Africa is emerging as a big oil and natural gas reserve. As a result lots of new companies have been making their entrance in the Great Lakes region.
As some investments analyst says: ”nothing goes up faster than when you announce a major [oil] find in some geopolitical backwater”. That is precisely what happened with the discovery of oil, an estimated billion barrels, at Lake Albert, one of Great African Lakes – and now Lake Edward, between Uganda and the Democratic Republic of Congo.
This discovery attracted small and relatively unknown companies, like Soco International, Tullow Oil, Dominion Petroleum and others. The area is one of the most unstable and conflict prone zones in the word with a staggering 5.4 million death since 1998 in Eastern Congo, also home of the Virunga National park and refuge of the last mountain gorilla population.
But why are investors and companies attracted by political and economic instability in such deadly zones? Why will a London stock exchange company drill and pump oil from a UNESCO protected World Heritage site?

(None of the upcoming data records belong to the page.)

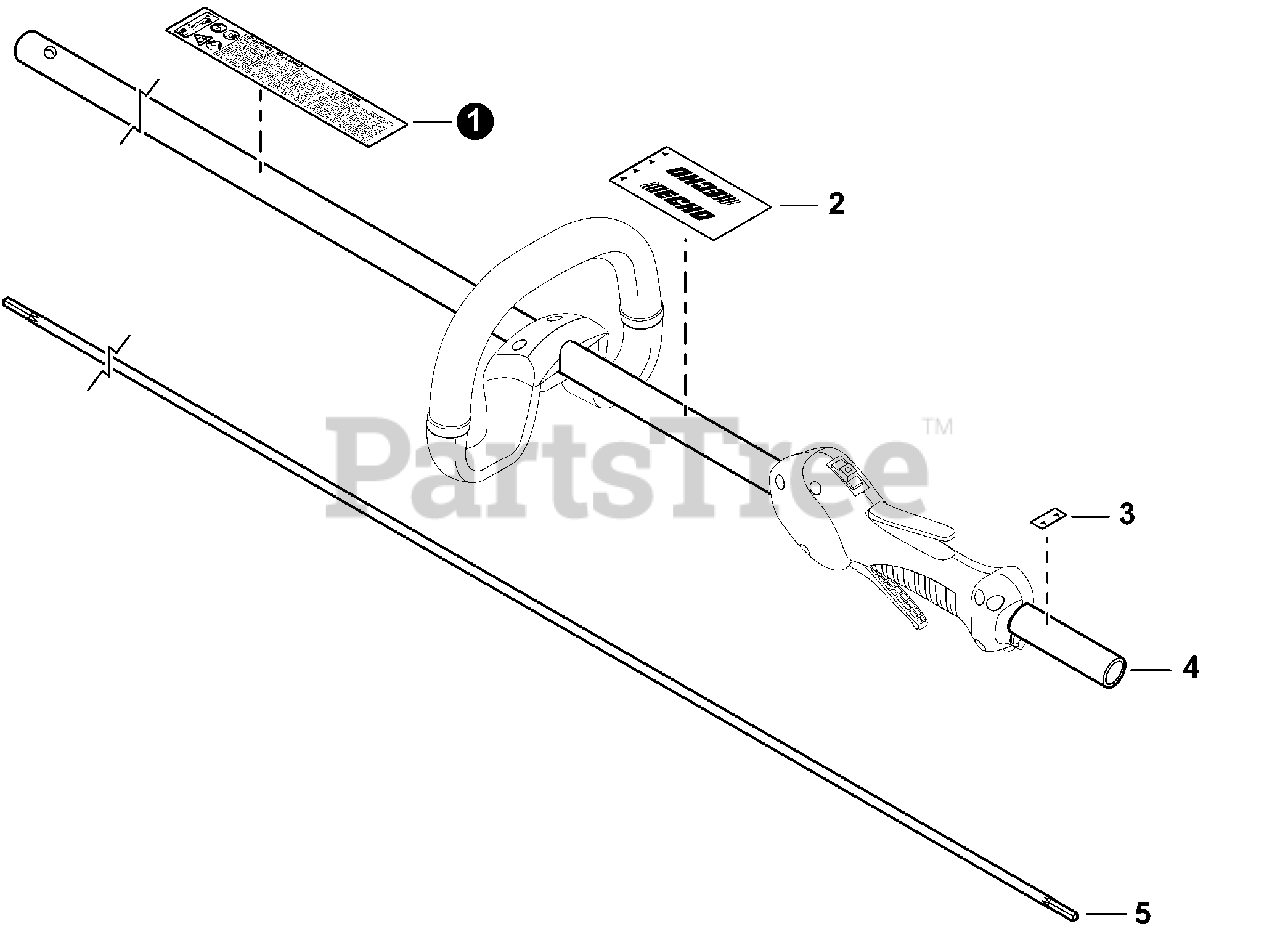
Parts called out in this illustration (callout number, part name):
1	LABEL, CAUTION
2	LABEL, HANDLE LOCATION
3	LABEL - ALIGNMENT
4	MAIN PIPE ASSY
5	DRIVESHAFT
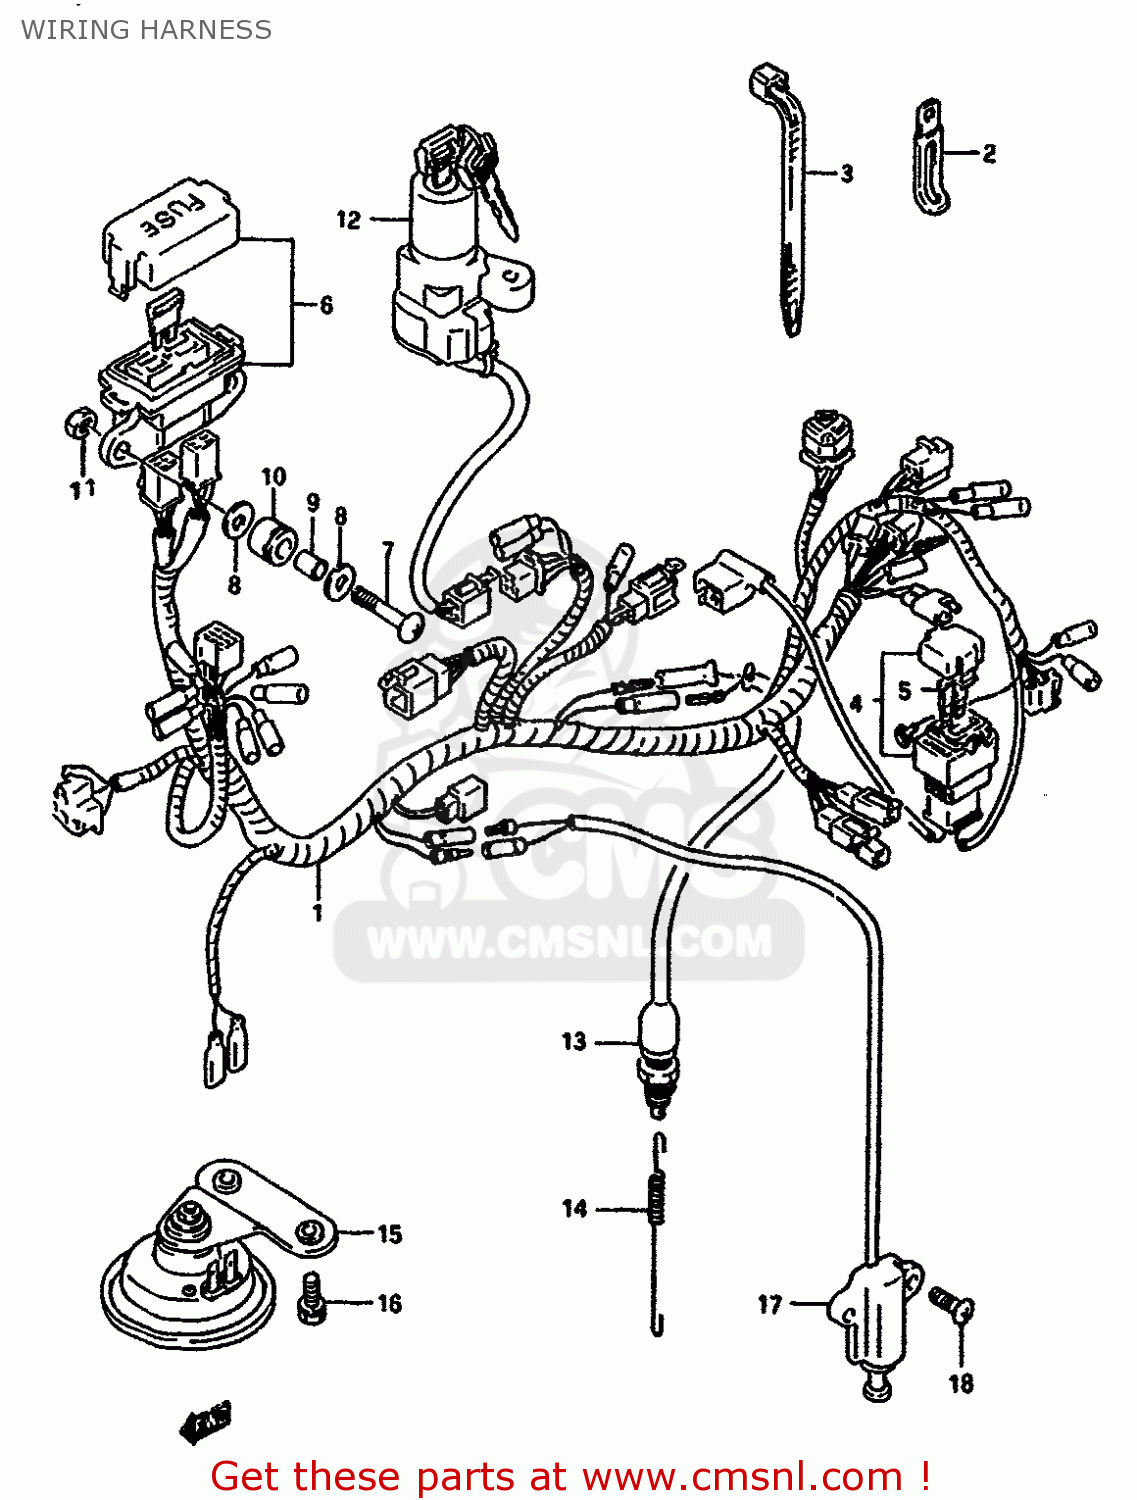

Simple: from the moment that oil was discovered companies could make multi-billion gains. It is one in a hundred chance; “these companies go from little-known penny stocks to multi-billion-dollar mid-majors”. SOCO international with operations in West Africa and Vietnam owns 38.25% of the oil concession in Block V, containing 52% of the Virunga National park, and saw its revenues increase from $48.4 millions in 2010 to $234.2 millions in 2011.
This seems to be not uncommon business for oil companies and investors in this sector – the “smaller, nimble, hungrier companies are” the best they “can go into the less savory parts of the world and get things done” . In other words the less known oil companies are, the more risks they can take and go into zones that other major oil companies such as TOTAL and ENI are ‘diplomatically‘ avoiding, for now…. As SOCO says, recognizing early opportunities and, having early access into regions and projects is one of their company strategies. The oil industry also calls this type of oil enterprises “ wildcatters”; they like risky business and are at the forefront of oil discovery in places where nobody has gone before.
This is also the story of Dominion Petroleum, an oil explorer in East Africa that owned 46,75% participating interest in Block V. In 2011, they drilled their first wildcat well in the Ugandan part of Lake Edward, on the shores of the Queen Elizabeth Park, before being taken over in 2012 by Ophir Energy who is now the owner of the biggest oil concession in the Virunga National Park.
Finding and buying small oil Wildcatters is big business in the oil sector, and quite an advantage for more financially stable oil companies. These major oil companies do not only take advantage of the “falling share prices to snap up cash-hungry explorers” but they also profit from the openings and access that these smaller companies are offering them in no-go-zones. Wildcatters can drill wells far from the usual oil fields, they can operate on the verge of legality and get things done, no matter what. For instance, SOCO has already been sued by the ICCN (Institut Congolais pour la Conservation de la Nature) for illegally entering the Virunga National Park and pushing their oil exploration plans.
Openly forcing exploration in an armed conflict zone or World Heritage site will be too risky for the major oil companies advertising their corporate social responsibility endeavor. However, taking over the shares and participating interests in these controversial concessions when the first wildcat well has been drilled seems to be a lucrative option. Who will be next, SOCO International? Will SOCO sell to GAZPROM, like they did in Libya?
But the most important question remains. Who will be held accountable for pushing oil exploration in a World Heritage site, for ruining 40 years of conservation work and for threatening the stability of the whole Great Lakes region?
A wildcatter, a major oil company or the governments behind these companies?
 Estimate from 1998 to 2009 – Source: http://www.washingtonpost.com/wp-dyn/content/article/2009/08/01/AR2009080101889.html
 Source: SOCO Annual report 2011 – http://www.socointernational.com/index.php?cID=108&cType=document
 The Ugandan part of the Lake Edward is not protected by the Word Heritage site convention as the DRC side, being not a part of The Virunga National Park.